My upbringing was in many ways like that of my students. My family lived in a trailer on the side of a mountain, and it was crowded with seven of us,  although my father added a few rooms as he could afford it. My parents both earned their GEDs, Dad in the U.S. Army, Mom when she was 40 at a community college.

They emphasized self-sufficiency — my father was a stonemason, and we had two gardens and livestock, so they worked from “can see to can’t see.” Besides giving us the gift of a work ethic, my parents somehow had the wherewithal to fill our single wide trailer with books, everything from a collection of literary classics to Westerns and mystery novels. Their wisdom during those formative years gave my siblings and me what studies have now borne out: words, and lots of them, are the best contribution a parent can make to their children’s success in school. 

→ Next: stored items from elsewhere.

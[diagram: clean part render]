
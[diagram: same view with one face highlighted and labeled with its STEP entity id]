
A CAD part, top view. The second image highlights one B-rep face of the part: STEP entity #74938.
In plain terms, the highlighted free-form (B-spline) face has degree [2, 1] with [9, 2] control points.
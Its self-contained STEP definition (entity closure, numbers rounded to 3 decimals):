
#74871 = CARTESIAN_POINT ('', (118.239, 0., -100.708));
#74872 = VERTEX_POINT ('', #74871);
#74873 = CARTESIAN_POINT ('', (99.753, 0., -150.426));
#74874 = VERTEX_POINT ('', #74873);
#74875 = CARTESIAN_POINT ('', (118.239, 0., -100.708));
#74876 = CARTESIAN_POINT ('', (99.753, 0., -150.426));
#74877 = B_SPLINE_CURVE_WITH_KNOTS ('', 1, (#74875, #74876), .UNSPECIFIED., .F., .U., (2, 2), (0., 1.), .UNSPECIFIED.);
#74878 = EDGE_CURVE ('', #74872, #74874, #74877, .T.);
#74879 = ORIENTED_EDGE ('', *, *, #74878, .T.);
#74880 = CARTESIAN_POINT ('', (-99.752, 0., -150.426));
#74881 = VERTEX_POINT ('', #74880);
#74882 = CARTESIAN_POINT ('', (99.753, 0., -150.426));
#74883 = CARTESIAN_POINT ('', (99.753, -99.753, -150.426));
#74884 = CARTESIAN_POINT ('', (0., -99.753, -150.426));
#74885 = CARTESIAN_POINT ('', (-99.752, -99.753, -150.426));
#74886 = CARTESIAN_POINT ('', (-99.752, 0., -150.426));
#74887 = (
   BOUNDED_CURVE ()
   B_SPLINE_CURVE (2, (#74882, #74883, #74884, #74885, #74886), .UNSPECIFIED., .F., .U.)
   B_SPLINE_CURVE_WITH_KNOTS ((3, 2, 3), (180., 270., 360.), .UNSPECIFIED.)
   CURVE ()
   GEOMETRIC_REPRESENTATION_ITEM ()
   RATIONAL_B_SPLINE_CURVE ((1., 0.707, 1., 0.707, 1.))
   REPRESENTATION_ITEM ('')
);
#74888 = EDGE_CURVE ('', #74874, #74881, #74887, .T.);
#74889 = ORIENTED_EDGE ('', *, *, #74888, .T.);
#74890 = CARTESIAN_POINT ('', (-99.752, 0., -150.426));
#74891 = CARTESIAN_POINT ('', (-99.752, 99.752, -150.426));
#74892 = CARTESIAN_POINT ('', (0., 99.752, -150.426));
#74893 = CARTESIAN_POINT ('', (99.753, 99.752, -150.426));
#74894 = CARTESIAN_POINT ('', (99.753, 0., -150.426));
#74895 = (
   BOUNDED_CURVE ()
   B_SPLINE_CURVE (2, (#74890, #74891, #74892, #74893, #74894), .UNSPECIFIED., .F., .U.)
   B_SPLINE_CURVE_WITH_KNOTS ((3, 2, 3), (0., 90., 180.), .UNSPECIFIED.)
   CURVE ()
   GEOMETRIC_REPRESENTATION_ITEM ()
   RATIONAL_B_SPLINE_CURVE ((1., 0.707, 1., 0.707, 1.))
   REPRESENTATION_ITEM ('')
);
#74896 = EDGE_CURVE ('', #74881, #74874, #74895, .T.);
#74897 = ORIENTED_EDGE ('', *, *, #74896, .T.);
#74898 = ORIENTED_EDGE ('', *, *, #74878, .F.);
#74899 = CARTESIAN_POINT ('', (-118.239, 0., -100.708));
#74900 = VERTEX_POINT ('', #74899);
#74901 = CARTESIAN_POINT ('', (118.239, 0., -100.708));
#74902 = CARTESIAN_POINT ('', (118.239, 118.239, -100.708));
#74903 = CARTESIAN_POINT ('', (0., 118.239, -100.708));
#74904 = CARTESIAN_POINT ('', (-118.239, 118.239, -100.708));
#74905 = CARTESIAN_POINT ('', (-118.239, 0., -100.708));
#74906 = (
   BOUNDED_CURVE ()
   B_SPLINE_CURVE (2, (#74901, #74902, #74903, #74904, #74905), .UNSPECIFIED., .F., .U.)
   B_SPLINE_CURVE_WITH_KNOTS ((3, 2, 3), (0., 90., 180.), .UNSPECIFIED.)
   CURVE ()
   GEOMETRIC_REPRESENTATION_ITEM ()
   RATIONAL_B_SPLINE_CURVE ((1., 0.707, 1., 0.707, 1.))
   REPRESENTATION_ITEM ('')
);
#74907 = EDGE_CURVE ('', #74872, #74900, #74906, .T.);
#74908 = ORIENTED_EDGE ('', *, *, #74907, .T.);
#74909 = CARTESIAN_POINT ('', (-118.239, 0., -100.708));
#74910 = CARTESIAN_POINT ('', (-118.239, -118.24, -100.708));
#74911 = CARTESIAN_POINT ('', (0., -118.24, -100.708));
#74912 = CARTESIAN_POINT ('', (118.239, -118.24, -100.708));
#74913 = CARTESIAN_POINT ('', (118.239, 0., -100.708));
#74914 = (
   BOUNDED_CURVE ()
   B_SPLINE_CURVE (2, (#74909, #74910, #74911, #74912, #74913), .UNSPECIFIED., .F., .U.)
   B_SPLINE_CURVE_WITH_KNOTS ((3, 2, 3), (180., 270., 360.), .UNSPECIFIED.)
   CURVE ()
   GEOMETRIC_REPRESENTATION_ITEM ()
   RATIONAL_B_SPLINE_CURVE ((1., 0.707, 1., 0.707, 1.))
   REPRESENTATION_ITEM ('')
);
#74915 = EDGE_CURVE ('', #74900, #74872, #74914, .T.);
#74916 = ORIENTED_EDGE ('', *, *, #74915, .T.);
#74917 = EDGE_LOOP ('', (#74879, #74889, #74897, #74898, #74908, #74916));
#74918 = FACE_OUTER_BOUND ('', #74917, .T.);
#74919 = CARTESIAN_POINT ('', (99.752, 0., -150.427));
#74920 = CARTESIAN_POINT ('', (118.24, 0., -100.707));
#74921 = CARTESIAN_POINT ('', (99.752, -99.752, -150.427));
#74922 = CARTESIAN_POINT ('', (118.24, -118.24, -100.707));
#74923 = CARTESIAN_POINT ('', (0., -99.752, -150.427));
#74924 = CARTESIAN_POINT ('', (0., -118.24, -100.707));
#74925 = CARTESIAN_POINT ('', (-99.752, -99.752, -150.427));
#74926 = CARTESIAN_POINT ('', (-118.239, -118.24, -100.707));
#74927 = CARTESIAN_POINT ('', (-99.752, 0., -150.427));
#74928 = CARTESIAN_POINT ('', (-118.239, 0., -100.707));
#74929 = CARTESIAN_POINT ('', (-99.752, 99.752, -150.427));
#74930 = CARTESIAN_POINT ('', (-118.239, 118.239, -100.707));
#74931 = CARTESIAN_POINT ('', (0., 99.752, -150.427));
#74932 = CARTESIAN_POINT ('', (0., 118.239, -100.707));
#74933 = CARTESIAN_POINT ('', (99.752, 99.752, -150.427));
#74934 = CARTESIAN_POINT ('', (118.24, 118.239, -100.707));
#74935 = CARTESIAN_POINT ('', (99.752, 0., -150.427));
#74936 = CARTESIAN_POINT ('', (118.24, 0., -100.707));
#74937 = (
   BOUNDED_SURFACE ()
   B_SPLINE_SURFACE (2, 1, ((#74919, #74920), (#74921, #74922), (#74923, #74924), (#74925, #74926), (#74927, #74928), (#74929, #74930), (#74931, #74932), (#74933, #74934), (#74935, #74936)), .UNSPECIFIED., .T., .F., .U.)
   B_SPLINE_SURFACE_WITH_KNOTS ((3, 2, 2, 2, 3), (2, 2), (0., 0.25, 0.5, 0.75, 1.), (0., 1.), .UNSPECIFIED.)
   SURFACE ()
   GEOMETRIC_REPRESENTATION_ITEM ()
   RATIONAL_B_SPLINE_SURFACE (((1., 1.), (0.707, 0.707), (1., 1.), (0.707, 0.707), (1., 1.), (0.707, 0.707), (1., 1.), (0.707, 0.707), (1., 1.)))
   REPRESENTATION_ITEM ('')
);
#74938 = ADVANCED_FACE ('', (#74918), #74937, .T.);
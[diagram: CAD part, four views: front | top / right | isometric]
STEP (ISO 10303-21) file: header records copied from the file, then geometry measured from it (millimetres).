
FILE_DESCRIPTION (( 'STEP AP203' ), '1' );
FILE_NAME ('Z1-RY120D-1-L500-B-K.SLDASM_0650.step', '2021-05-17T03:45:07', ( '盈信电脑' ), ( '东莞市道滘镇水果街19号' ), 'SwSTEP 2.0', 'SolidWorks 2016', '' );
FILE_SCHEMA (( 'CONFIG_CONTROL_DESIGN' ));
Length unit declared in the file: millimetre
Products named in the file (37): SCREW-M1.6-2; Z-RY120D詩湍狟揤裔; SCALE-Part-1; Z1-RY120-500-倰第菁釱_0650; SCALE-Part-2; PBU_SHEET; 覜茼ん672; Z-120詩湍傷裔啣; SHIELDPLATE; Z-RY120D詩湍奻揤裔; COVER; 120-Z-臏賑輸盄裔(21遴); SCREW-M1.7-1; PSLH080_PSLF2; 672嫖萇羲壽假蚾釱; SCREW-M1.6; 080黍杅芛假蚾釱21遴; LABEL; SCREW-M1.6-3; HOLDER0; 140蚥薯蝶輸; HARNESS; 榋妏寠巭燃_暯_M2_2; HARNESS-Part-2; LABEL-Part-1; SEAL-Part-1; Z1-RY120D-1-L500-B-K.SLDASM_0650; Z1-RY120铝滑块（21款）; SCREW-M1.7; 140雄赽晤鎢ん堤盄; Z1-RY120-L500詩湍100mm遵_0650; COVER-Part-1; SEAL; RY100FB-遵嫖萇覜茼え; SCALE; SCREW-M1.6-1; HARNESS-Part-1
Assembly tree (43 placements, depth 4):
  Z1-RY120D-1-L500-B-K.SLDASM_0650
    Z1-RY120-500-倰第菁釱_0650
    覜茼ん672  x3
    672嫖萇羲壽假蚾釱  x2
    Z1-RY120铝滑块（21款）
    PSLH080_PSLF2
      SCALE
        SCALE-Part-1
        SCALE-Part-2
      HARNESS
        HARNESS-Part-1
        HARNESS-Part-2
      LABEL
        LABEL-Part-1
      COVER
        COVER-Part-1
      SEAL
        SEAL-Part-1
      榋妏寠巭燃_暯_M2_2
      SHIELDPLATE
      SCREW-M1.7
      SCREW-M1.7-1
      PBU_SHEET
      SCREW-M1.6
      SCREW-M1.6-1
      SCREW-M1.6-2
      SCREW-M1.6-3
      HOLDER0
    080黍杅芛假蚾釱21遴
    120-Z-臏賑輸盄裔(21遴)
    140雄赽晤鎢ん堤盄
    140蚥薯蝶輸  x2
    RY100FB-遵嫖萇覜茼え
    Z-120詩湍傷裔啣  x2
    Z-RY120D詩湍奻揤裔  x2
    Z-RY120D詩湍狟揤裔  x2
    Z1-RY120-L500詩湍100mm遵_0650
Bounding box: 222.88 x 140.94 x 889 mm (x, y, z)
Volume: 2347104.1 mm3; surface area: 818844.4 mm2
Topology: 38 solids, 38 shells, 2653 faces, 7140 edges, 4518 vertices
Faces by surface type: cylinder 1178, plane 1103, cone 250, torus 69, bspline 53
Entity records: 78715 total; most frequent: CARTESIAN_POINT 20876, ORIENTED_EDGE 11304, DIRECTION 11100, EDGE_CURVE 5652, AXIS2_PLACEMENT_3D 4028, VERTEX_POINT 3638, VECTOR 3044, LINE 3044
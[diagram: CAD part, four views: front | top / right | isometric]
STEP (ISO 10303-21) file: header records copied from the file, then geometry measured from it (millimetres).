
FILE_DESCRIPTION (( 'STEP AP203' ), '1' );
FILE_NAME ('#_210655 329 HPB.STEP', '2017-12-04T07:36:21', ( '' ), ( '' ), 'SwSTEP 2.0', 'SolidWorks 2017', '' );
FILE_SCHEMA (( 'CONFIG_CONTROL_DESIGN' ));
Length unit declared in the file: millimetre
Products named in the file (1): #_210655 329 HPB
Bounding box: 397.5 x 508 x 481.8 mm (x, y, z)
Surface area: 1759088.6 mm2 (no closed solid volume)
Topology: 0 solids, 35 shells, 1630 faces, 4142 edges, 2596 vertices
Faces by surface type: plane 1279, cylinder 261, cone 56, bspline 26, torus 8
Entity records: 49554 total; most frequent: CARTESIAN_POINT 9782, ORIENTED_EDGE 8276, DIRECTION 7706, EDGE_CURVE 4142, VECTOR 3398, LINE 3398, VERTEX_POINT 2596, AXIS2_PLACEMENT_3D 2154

Dawn Gilchrist (left) and her sister, circa 1966. Courtesy of Dawn Gilchrist

When Lyndon Johnson’s “War on Poverty” brought Head Start to Swain County, all of the Gilchrist children were on that bus, scrubbed in the small bathtub, fed with home canned vegetables, and ready to see what the world had to offer. We five are now among the numerous successful adults who received the benefits of compassionate legislation that became preschool intervention.

The legacy of my parents and Head Start,  for me, has been the completion of three degrees and a lifetime of dedication to public schools. The awards I received as an undergraduate at Western Carolina University became a full ride through graduate school at Columbia University, and those translated into an MFA in Writing at Warren Wilson College — the gains of which I can now offer every student I teach. The opportunities I had, first as a result of two people determined that their children would become good human beings, and second as a result of legislative foresight, have compelled me to continue the trend that my parents began.

Last week, our schools began sending home “packets” to our many students without broadband access. Many were delivered by bus, along with meals. Others were mailed. The packets include everything from books on CD to novels to worksheets for documenting earth science experiments. The packets also include encouraging notes from teachers to individual students.

The fact remains, however, that a packet is not animated, nor does it have a human face. A paper packet is to remote learning what a one-dimensional picture of a classroom is to a vibrant space full of children: there’s no comparison. Sending our children packets may be the best we can do in the circumstances in which we currently find ourselves, but the inequality is blindingly obvious, and shame is just not enough.

If we cannot do better for our children, we deserve the dire outcomes that are predicted. Our children, however, do not.

Chad Beam

Chad Beam is the 2020 Southwest Regional Teacher of the Year from Burns High School in Cleveland County Schools.

Dawn Gilchrist

Dawn Gilchrist is the 2020 Western Regional Teacher of the Year from School of Alternatives in Jackson County Public Schools.